About this task:
Beneath this instruction is a listing. Transcribe from it only the stretch from the line with "#118993 = LINE('',#118994,#118995);" through the line with "#119007 = LINE('',#119008,#119009);", both end lines included, exactly as written.
──────────
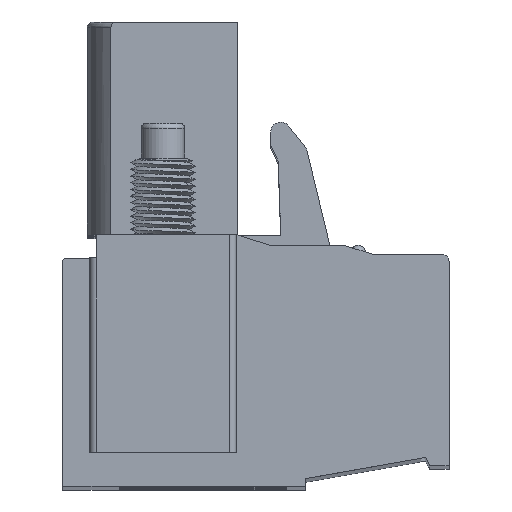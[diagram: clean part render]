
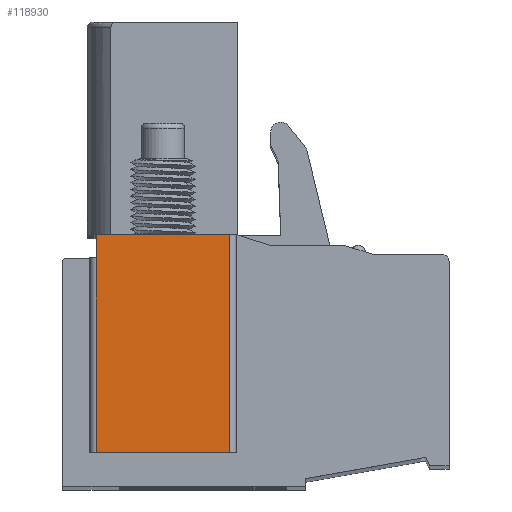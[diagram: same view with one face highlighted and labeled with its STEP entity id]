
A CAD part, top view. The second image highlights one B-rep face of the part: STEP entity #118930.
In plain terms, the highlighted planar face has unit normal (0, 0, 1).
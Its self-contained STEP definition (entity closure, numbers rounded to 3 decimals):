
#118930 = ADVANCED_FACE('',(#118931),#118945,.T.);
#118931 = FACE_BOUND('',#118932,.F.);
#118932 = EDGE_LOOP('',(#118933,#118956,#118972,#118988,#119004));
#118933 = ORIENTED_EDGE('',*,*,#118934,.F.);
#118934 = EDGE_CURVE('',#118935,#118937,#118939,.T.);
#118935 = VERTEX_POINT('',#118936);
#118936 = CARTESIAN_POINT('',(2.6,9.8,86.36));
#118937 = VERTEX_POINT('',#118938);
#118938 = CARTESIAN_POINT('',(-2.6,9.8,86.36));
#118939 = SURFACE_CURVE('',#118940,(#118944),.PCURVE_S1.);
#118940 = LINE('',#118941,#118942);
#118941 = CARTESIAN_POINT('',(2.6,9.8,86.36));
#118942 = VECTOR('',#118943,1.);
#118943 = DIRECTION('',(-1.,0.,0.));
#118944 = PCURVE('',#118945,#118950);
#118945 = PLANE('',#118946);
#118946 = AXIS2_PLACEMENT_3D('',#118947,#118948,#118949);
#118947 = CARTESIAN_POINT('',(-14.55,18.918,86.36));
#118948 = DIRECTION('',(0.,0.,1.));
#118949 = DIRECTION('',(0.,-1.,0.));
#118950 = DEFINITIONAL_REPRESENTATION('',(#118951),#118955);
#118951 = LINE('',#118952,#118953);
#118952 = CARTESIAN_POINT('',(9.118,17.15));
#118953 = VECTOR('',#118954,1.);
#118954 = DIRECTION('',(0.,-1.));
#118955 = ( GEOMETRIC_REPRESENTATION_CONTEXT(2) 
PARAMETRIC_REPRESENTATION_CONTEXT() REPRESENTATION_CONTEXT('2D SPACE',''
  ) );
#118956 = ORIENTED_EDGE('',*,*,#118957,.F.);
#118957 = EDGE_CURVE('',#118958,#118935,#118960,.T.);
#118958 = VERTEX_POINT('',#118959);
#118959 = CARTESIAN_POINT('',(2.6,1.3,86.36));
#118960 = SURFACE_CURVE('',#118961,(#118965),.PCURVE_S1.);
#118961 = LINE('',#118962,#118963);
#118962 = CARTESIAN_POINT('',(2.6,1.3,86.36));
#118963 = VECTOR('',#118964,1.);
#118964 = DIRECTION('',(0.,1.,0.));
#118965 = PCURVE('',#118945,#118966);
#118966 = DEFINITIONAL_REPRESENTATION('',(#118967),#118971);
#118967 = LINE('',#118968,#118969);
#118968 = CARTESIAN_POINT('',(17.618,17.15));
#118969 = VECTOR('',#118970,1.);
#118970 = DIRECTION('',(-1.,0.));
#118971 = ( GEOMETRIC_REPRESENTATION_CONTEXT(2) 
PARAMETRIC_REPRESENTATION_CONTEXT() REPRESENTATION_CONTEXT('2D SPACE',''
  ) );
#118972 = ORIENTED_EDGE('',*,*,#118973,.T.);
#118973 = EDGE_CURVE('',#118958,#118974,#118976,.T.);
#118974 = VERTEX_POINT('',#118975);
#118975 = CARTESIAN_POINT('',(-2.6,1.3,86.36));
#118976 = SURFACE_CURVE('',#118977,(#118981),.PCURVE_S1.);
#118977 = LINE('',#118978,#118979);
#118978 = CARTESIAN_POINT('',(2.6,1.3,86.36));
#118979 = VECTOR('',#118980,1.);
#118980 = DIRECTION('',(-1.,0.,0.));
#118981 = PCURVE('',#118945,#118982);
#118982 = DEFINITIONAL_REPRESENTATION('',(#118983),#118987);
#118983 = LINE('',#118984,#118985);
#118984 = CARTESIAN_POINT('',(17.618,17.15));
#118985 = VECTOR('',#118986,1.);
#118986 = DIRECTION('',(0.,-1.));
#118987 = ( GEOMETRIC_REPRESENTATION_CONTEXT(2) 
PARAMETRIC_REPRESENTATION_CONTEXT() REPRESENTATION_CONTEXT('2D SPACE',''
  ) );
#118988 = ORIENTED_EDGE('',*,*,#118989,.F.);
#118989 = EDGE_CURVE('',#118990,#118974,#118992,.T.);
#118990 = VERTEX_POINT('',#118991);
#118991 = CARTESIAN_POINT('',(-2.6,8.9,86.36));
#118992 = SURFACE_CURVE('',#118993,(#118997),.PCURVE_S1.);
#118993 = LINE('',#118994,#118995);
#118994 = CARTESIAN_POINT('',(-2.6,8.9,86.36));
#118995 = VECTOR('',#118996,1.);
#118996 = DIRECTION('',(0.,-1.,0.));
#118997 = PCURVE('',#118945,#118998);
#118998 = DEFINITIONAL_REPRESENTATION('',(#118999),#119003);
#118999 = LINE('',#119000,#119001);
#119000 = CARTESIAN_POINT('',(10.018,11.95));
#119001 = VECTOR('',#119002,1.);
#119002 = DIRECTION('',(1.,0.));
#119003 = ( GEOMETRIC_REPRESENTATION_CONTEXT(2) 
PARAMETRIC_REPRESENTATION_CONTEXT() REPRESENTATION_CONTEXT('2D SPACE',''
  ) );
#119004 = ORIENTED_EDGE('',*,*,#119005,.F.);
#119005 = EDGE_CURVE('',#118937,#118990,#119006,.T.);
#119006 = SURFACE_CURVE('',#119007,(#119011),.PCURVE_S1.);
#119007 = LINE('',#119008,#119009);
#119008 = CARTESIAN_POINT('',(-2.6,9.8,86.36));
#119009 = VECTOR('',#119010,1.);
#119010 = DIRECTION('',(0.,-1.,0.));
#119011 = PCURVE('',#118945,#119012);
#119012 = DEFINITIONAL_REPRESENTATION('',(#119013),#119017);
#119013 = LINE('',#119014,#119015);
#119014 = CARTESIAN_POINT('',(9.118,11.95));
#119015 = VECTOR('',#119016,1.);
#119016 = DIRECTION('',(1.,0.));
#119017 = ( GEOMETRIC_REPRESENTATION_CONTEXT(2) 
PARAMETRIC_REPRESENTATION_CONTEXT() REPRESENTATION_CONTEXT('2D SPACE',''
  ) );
──────────
Response area:
#118993 = LINE('',#118994,#118995);
#118994 = CARTESIAN_POINT('',(-2.6,8.9,86.36));
#118995 = VECTOR('',#118996,1.);
#118996 = DIRECTION('',(0.,-1.,0.));
#118997 = PCURVE('',#118945,#118998);
#118998 = DEFINITIONAL_REPRESENTATION('',(#118999),#119003);
#118999 = LINE('',#119000,#119001);
#119000 = CARTESIAN_POINT('',(10.018,11.95));
#119001 = VECTOR('',#119002,1.);
#119002 = DIRECTION('',(1.,0.));
#119003 = ( GEOMETRIC_REPRESENTATION_CONTEXT(2) 
PARAMETRIC_REPRESENTATION_CONTEXT() REPRESENTATION_CONTEXT('2D SPACE',''
  ) );
#119004 = ORIENTED_EDGE('',*,*,#119005,.F.);
#119005 = EDGE_CURVE('',#118937,#118990,#119006,.T.);
#119006 = SURFACE_CURVE('',#119007,(#119011),.PCURVE_S1.);
#119007 = LINE('',#119008,#119009);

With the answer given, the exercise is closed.